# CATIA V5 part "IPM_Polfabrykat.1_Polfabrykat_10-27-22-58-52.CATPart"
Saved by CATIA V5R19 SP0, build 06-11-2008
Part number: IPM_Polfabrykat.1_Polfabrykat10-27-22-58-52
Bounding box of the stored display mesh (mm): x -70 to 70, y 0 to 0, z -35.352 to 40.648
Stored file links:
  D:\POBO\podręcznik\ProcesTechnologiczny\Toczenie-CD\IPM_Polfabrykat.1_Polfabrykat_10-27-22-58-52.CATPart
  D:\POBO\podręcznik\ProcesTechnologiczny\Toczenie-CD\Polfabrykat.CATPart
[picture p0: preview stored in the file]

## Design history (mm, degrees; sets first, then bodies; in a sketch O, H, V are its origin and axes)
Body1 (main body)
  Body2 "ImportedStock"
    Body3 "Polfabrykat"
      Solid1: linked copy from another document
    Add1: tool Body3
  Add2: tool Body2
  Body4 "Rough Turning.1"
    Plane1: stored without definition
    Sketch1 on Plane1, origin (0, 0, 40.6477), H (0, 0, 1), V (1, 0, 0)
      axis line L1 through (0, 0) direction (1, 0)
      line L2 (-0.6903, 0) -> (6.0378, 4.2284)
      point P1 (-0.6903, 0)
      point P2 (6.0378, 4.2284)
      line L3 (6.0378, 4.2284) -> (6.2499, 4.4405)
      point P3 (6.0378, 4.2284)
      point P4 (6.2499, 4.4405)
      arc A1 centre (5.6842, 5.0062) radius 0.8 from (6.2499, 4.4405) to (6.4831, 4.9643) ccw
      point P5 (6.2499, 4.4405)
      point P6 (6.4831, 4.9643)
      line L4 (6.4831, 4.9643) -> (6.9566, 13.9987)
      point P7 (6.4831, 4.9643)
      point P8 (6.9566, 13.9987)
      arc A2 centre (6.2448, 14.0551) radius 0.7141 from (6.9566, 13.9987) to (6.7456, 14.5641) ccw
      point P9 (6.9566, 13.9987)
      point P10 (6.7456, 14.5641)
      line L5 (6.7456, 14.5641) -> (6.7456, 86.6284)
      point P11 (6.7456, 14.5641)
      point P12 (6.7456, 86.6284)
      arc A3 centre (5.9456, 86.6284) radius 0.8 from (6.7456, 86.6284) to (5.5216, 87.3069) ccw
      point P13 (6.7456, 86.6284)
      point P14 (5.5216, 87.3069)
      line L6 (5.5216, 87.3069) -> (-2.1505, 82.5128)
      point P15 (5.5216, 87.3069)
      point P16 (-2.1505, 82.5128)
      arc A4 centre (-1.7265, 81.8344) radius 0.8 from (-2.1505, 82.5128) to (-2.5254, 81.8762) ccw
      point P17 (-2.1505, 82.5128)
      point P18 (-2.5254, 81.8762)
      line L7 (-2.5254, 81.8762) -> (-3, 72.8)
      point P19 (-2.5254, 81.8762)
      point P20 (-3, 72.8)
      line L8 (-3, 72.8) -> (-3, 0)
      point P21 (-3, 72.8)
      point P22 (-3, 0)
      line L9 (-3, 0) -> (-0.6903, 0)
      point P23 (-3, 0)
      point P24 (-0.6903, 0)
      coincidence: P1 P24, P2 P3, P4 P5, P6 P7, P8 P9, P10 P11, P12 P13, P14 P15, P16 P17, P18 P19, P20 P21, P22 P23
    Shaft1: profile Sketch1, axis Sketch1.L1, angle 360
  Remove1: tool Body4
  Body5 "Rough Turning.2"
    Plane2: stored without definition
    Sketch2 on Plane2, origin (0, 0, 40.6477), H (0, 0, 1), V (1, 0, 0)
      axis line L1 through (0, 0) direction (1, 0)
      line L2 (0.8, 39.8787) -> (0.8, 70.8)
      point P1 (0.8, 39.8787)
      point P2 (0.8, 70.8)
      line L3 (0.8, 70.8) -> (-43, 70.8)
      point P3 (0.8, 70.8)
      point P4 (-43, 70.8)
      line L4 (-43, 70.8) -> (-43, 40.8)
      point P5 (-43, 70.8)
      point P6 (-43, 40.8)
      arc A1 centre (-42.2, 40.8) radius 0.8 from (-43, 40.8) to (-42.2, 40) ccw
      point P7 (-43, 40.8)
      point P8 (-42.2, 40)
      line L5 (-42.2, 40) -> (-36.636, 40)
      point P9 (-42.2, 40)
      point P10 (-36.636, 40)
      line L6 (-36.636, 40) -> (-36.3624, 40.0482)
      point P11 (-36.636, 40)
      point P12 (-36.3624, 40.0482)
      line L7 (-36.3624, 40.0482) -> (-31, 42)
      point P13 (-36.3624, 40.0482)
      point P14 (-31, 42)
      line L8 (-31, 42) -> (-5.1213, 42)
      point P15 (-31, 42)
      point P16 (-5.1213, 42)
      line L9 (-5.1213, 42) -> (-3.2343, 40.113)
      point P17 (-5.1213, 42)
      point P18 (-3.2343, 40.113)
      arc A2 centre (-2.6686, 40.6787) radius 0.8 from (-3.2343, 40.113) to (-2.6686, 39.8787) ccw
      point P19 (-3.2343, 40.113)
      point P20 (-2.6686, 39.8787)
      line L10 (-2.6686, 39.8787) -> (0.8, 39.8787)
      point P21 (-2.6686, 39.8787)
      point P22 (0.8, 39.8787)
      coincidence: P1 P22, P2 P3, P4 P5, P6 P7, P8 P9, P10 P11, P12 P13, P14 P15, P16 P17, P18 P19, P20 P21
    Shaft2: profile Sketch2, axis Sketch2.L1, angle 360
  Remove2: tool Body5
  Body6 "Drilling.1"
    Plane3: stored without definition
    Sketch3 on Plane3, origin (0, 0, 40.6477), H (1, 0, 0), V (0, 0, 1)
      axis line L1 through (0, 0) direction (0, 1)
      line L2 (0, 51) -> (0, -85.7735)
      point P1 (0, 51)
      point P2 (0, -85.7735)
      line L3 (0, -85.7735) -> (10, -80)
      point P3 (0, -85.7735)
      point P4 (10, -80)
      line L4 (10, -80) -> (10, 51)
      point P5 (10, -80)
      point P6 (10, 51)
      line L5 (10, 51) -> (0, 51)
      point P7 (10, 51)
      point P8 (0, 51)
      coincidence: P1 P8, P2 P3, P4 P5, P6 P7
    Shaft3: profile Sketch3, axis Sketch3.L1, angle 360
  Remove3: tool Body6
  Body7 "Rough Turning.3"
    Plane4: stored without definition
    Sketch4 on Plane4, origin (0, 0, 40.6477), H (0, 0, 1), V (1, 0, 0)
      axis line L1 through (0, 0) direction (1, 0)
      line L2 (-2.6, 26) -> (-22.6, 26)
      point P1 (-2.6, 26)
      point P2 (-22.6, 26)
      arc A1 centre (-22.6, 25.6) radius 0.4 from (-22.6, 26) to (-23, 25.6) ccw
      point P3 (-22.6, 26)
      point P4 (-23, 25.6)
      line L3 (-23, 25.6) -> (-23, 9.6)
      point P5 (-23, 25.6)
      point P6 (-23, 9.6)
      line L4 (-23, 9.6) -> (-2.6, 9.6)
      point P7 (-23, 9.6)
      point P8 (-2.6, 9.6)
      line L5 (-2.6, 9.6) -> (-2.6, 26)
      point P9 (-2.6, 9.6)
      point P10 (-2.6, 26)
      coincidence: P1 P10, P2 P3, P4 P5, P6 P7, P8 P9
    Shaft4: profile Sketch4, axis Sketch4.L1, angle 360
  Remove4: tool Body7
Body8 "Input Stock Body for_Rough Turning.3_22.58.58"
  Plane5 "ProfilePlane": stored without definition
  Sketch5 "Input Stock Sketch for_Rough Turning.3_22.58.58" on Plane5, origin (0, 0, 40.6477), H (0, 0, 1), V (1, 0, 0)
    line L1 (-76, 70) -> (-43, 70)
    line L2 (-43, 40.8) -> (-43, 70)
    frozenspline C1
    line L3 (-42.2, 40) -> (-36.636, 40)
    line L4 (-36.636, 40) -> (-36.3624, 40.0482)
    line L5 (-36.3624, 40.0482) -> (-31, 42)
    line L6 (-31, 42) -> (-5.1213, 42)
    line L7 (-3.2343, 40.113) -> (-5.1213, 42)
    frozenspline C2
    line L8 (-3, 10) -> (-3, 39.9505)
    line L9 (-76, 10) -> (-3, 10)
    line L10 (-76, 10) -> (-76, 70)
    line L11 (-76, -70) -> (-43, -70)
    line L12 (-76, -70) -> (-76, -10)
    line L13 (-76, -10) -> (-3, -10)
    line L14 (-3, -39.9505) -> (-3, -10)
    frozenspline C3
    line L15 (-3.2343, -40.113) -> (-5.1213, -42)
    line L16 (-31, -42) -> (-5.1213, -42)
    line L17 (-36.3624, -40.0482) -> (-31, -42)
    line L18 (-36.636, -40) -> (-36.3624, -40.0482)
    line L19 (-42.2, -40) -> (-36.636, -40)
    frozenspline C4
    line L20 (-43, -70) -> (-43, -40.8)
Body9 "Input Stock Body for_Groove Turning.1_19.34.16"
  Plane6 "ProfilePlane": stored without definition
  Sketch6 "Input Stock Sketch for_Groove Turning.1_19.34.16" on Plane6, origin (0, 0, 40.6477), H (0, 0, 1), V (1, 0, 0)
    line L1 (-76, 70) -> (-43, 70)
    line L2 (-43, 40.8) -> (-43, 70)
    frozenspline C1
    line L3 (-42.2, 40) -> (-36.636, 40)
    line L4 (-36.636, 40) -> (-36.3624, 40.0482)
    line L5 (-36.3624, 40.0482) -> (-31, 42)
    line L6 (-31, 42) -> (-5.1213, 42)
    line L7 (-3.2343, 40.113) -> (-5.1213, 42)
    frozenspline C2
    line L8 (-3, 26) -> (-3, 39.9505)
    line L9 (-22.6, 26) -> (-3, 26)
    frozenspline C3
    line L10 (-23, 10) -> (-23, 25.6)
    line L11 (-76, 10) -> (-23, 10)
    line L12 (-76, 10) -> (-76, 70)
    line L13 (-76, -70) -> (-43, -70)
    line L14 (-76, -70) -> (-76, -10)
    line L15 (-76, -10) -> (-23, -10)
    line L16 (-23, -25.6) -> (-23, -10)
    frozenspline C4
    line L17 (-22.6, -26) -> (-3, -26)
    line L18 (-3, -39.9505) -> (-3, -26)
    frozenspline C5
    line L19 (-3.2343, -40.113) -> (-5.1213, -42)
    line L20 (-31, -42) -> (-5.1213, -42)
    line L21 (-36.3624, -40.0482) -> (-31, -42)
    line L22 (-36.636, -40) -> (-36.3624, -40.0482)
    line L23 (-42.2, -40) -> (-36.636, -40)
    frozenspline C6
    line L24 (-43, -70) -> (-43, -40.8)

****************

» ASSIGNMENT
Retype exactly, and only, the lines above from the one where "line L3 (6.0378, 4.2284)" occurs up to and including the one where "point P16 (-2.1505, 82.5128)" occurs.

» RESPONSE
      line L3 (6.0378, 4.2284) -> (6.2499, 4.4405)
      point P3 (6.0378, 4.2284)
      point P4 (6.2499, 4.4405)
      arc A1 centre (5.6842, 5.0062) radius 0.8 from (6.2499, 4.4405) to (6.4831, 4.9643) ccw
      point P5 (6.2499, 4.4405)
      point P6 (6.4831, 4.9643)
      line L4 (6.4831, 4.9643) -> (6.9566, 13.9987)
      point P7 (6.4831, 4.9643)
      point P8 (6.9566, 13.9987)
      arc A2 centre (6.2448, 14.0551) radius 0.7141 from (6.9566, 13.9987) to (6.7456, 14.5641) ccw
      point P9 (6.9566, 13.9987)
      point P10 (6.7456, 14.5641)
      line L5 (6.7456, 14.5641) -> (6.7456, 86.6284)
      point P11 (6.7456, 14.5641)
      point P12 (6.7456, 86.6284)
      arc A3 centre (5.9456, 86.6284) radius 0.8 from (6.7456, 86.6284) to (5.5216, 87.3069) ccw
      point P13 (6.7456, 86.6284)
      point P14 (5.5216, 87.3069)
      line L6 (5.5216, 87.3069) -> (-2.1505, 82.5128)
      point P15 (5.5216, 87.3069)
      point P16 (-2.1505, 82.5128)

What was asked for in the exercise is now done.